» **Exercise aim**: Say the number of lines in the records below that hold the word "reference", and only that number.

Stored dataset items
○ ○ ○ ○ ○ ○ ○

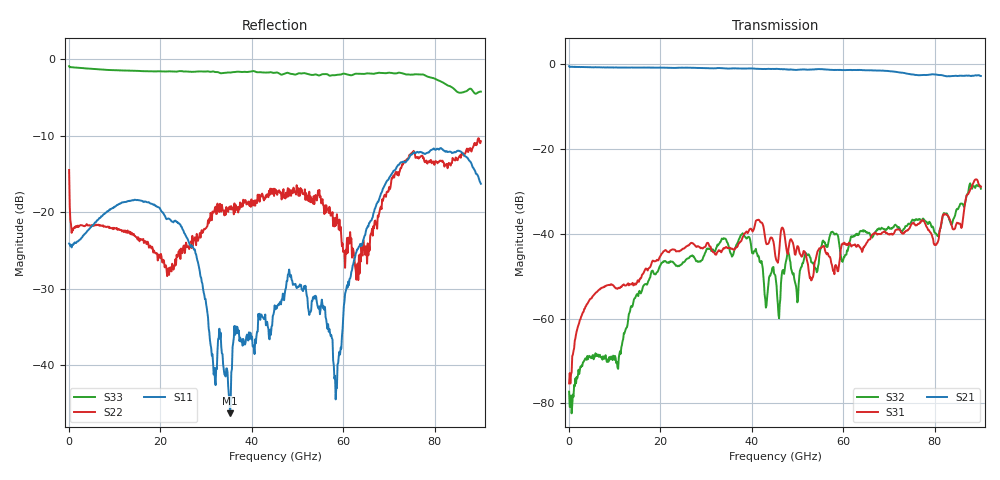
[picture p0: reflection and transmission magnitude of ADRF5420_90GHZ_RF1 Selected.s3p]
! Device:  ADRF5420
! Description: Flip-Chip, Silicon SPDT Switch
! Frequency:  0.1 GHz -  90 GHz
! Ports:
!  RFC = Port 1
!  RF1 = Port 2
!  RF2 = Port 3
! VDD  =  +3.3 Volts
! VSS  =  -3.3 Volts
! State
! RF1 Selected: CTRL = 3.3 V
! Data:  Data was collected using a calibrated network analyzer
!  The reference plane is the package boundry of ADRF5420 switch.
! Notes: Analog Devices supplies this data as a sample of measured data
!  for this product.  Your particular data for this product may vary.
!  Analog Devices reserves the right to change this data at anytime.
# GHz S  dB  R 50
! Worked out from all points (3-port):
!   656 points, 50 MHz to 90.07 GHz, reference 50 ohm
!   strongest paths, dB at 50 MHz, 22.59 GHz, 45.13 GHz, 67.67 GHz, 90.07 GHz:
!     S21: -0.5, -0.9, -1.1, -1.6, -2.8
!     S31: -75.3, -43.7, -45.2, -40.1, -28.9
!     S32: -77.2, -46.6, -49.8, -38.8, -29.4
!   lowest |S11| = -46.3 dB at 35.23 GHz (marker M1), VSWR 1.01, Z = 50.4 - j0.259 ohm
!   |S11| at or under -10 dB: start of sweep to end of sweep
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0.05  -24.10 -25.4  -0.65 1.0  -73.25 31.7
      -0.52 1.5  -14.47 43.3  -75.13 33.4
      -75.29 32.3  -77.23 -7.1  -0.90 -178.7
4.310562  -22.28 9.3  -0.74 -28.2  -55.90 61.6
          -0.77 -27.8  -21.72 -7.6  -69.32 26.2
          -55.99 61.5  -69.08 29.2  -1.22 156.4
15.443  -18.44 -36.2  -0.84 -99.9  -50.85 58.0
        -0.84 -97.7  -23.79 -54.2  -53.55 122.5
        -50.84 60.1  -53.47 122.2  -1.53 100.9
25.75081  -23.31 -100.8  -0.88 -167.4  -42.99 21.7
          -0.88 -163.8  -24.33 176.6  -45.98 28.5
          -42.96 24.7  -45.99 27.9  -1.60 52.9
35.234  -46.28 -32.0  -1.08 130.8  -43.28 -7.3
        -1.09 134.8  -19.24 83.9  -44.24 -62.5
        -43.31 -4.6  -44.31 -63.3  -1.74 12.1
45.1295  -32.69 -8.7  -1.15 65.1  -45.31 -86.3
         -1.15 70.6  -17.53 13.6  -49.86 -136.4
         -45.24 -81.7  -49.82 -138.3  -1.76 -31.3
58.46094  -42.92 117.3  -1.39 -25.8  -47.63 -129.9
          -1.41 -16.1  -20.95 -113.6  -40.07 85.4
          -47.60 -119.6  -39.98 84.3  -2.05 -88.6
68.49388  -17.25 -1.3  -1.67 -98.3  -39.73 167.6
          -1.56 -87.1  -18.32 -54.7  -38.73 11.4
          -39.73 177.0  -38.75 10.7  -1.77 -138.7
79.62631  -11.77 -100.3  -2.36 -178.8  -41.10 107.8
          -2.44 -167.1  -13.39 -99.1  -38.37 -61.7
          -41.26 117.3  -38.47 -62.5  -2.45 154.5
90.07156  -16.27 153.9  -3.32 98.1  -29.18 97.1
          -2.84 109.4  -10.72 -101.3  -29.21 -132.1
          -28.91 109.8  -29.40 -130.8  -4.23 85.8

○ ○ ○ ○ ○ ○ ○

» **Result of the exercise**: 2